- Given records:
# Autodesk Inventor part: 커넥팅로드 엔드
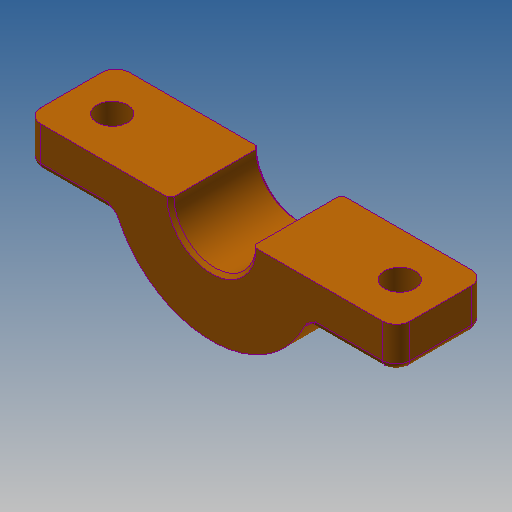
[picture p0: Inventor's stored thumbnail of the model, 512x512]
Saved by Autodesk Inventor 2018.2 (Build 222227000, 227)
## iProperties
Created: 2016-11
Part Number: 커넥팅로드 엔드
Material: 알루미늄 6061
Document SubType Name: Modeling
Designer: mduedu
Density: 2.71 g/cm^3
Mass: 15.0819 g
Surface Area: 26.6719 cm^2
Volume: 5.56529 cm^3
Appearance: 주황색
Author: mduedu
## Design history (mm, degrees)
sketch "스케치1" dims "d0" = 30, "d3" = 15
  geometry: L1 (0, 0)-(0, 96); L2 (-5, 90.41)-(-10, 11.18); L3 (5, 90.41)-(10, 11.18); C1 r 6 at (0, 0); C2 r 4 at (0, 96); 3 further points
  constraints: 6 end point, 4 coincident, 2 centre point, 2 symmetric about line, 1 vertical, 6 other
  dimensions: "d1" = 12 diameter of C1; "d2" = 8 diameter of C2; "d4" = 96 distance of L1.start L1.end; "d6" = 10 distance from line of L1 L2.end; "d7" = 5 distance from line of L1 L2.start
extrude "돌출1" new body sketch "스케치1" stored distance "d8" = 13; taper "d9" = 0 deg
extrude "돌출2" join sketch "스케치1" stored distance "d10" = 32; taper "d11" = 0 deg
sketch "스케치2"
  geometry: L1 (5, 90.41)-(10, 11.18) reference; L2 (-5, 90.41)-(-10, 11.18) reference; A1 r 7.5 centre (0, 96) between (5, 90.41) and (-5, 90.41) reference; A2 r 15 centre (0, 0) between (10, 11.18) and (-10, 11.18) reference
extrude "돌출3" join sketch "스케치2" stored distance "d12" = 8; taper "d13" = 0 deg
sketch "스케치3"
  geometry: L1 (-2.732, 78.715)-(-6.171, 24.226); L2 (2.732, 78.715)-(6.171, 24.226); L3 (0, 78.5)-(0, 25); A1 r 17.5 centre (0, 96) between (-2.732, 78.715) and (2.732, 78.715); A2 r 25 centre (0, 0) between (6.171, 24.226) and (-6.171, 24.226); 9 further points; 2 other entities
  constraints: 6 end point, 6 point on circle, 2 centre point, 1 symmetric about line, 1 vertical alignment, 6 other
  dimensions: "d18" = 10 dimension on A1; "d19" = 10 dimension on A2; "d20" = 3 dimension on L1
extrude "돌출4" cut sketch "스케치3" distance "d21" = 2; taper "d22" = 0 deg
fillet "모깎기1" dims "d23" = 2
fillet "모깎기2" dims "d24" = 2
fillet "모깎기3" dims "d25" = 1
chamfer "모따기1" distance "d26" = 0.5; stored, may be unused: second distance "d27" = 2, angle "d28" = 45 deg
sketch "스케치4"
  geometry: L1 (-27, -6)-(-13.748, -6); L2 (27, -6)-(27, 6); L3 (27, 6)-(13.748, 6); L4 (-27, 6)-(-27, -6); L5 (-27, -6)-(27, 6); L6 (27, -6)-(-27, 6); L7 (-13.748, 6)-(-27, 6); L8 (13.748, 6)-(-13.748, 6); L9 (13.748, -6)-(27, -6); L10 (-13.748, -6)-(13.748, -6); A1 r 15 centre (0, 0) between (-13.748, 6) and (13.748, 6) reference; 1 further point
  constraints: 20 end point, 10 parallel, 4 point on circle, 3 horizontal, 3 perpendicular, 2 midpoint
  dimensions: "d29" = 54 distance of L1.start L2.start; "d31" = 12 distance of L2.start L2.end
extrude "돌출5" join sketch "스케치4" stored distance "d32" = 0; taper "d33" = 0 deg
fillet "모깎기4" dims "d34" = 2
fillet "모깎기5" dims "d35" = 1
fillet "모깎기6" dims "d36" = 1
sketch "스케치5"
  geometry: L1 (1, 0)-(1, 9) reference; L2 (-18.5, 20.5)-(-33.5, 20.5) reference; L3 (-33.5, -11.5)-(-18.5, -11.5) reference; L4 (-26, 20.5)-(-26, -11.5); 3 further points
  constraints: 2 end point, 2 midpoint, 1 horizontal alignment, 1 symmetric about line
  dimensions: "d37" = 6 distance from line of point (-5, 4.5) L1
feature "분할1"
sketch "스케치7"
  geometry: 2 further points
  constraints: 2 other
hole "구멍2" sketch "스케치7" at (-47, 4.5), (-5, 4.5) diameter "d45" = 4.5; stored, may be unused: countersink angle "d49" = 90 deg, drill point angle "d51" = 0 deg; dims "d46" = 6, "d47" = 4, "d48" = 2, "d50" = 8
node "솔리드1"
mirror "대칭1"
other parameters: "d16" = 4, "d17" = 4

- What this task involves: Apart from the pictures, every line of the material above is to be returned word for word.

- Exercise answer:
# Autodesk Inventor part: 커넥팅로드 엔드
[picture p0: Inventor's stored thumbnail of the model, 512x512]
Saved by Autodesk Inventor 2018.2 (Build 222227000, 227)
## iProperties
Created: 2016-11
Part Number: 커넥팅로드 엔드
Material: 알루미늄 6061
Document SubType Name: Modeling
Designer: mduedu
Density: 2.71 g/cm^3
Mass: 15.0819 g
Surface Area: 26.6719 cm^2
Volume: 5.56529 cm^3
Appearance: 주황색
Author: mduedu
## Design history (mm, degrees)
sketch "스케치1" dims "d0" = 30, "d3" = 15
  geometry: L1 (0, 0)-(0, 96); L2 (-5, 90.41)-(-10, 11.18); L3 (5, 90.41)-(10, 11.18); C1 r 6 at (0, 0); C2 r 4 at (0, 96); 3 further points
  constraints: 6 end point, 4 coincident, 2 centre point, 2 symmetric about line, 1 vertical, 6 other
  dimensions: "d1" = 12 diameter of C1; "d2" = 8 diameter of C2; "d4" = 96 distance of L1.start L1.end; "d6" = 10 distance from line of L1 L2.end; "d7" = 5 distance from line of L1 L2.start
extrude "돌출1" new body sketch "스케치1" stored distance "d8" = 13; taper "d9" = 0 deg
extrude "돌출2" join sketch "스케치1" stored distance "d10" = 32; taper "d11" = 0 deg
sketch "스케치2"
  geometry: L1 (5, 90.41)-(10, 11.18) reference; L2 (-5, 90.41)-(-10, 11.18) reference; A1 r 7.5 centre (0, 96) between (5, 90.41) and (-5, 90.41) reference; A2 r 15 centre (0, 0) between (10, 11.18) and (-10, 11.18) reference
extrude "돌출3" join sketch "스케치2" stored distance "d12" = 8; taper "d13" = 0 deg
sketch "스케치3"
  geometry: L1 (-2.732, 78.715)-(-6.171, 24.226); L2 (2.732, 78.715)-(6.171, 24.226); L3 (0, 78.5)-(0, 25); A1 r 17.5 centre (0, 96) between (-2.732, 78.715) and (2.732, 78.715); A2 r 25 centre (0, 0) between (6.171, 24.226) and (-6.171, 24.226); 9 further points; 2 other entities
  constraints: 6 end point, 6 point on circle, 2 centre point, 1 symmetric about line, 1 vertical alignment, 6 other
  dimensions: "d18" = 10 dimension on A1; "d19" = 10 dimension on A2; "d20" = 3 dimension on L1
extrude "돌출4" cut sketch "스케치3" distance "d21" = 2; taper "d22" = 0 deg
fillet "모깎기1" dims "d23" = 2
fillet "모깎기2" dims "d24" = 2
fillet "모깎기3" dims "d25" = 1
chamfer "모따기1" distance "d26" = 0.5; stored, may be unused: second distance "d27" = 2, angle "d28" = 45 deg
sketch "스케치4"
  geometry: L1 (-27, -6)-(-13.748, -6); L2 (27, -6)-(27, 6); L3 (27, 6)-(13.748, 6); L4 (-27, 6)-(-27, -6); L5 (-27, -6)-(27, 6); L6 (27, -6)-(-27, 6); L7 (-13.748, 6)-(-27, 6); L8 (13.748, 6)-(-13.748, 6); L9 (13.748, -6)-(27, -6); L10 (-13.748, -6)-(13.748, -6); A1 r 15 centre (0, 0) between (-13.748, 6) and (13.748, 6) reference; 1 further point
  constraints: 20 end point, 10 parallel, 4 point on circle, 3 horizontal, 3 perpendicular, 2 midpoint
  dimensions: "d29" = 54 distance of L1.start L2.start; "d31" = 12 distance of L2.start L2.end
extrude "돌출5" join sketch "스케치4" stored distance "d32" = 0; taper "d33" = 0 deg
fillet "모깎기4" dims "d34" = 2
fillet "모깎기5" dims "d35" = 1
fillet "모깎기6" dims "d36" = 1
sketch "스케치5"
  geometry: L1 (1, 0)-(1, 9) reference; L2 (-18.5, 20.5)-(-33.5, 20.5) reference; L3 (-33.5, -11.5)-(-18.5, -11.5) reference; L4 (-26, 20.5)-(-26, -11.5); 3 further points
  constraints: 2 end point, 2 midpoint, 1 horizontal alignment, 1 symmetric about line
  dimensions: "d37" = 6 distance from line of point (-5, 4.5) L1
feature "분할1"
sketch "스케치7"
  geometry: 2 further points
  constraints: 2 other
hole "구멍2" sketch "스케치7" at (-47, 4.5), (-5, 4.5) diameter "d45" = 4.5; stored, may be unused: countersink angle "d49" = 90 deg, drill point angle "d51" = 0 deg; dims "d46" = 6, "d47" = 4, "d48" = 2, "d50" = 8
node "솔리드1"
mirror "대칭1"
other parameters: "d16" = 4, "d17" = 4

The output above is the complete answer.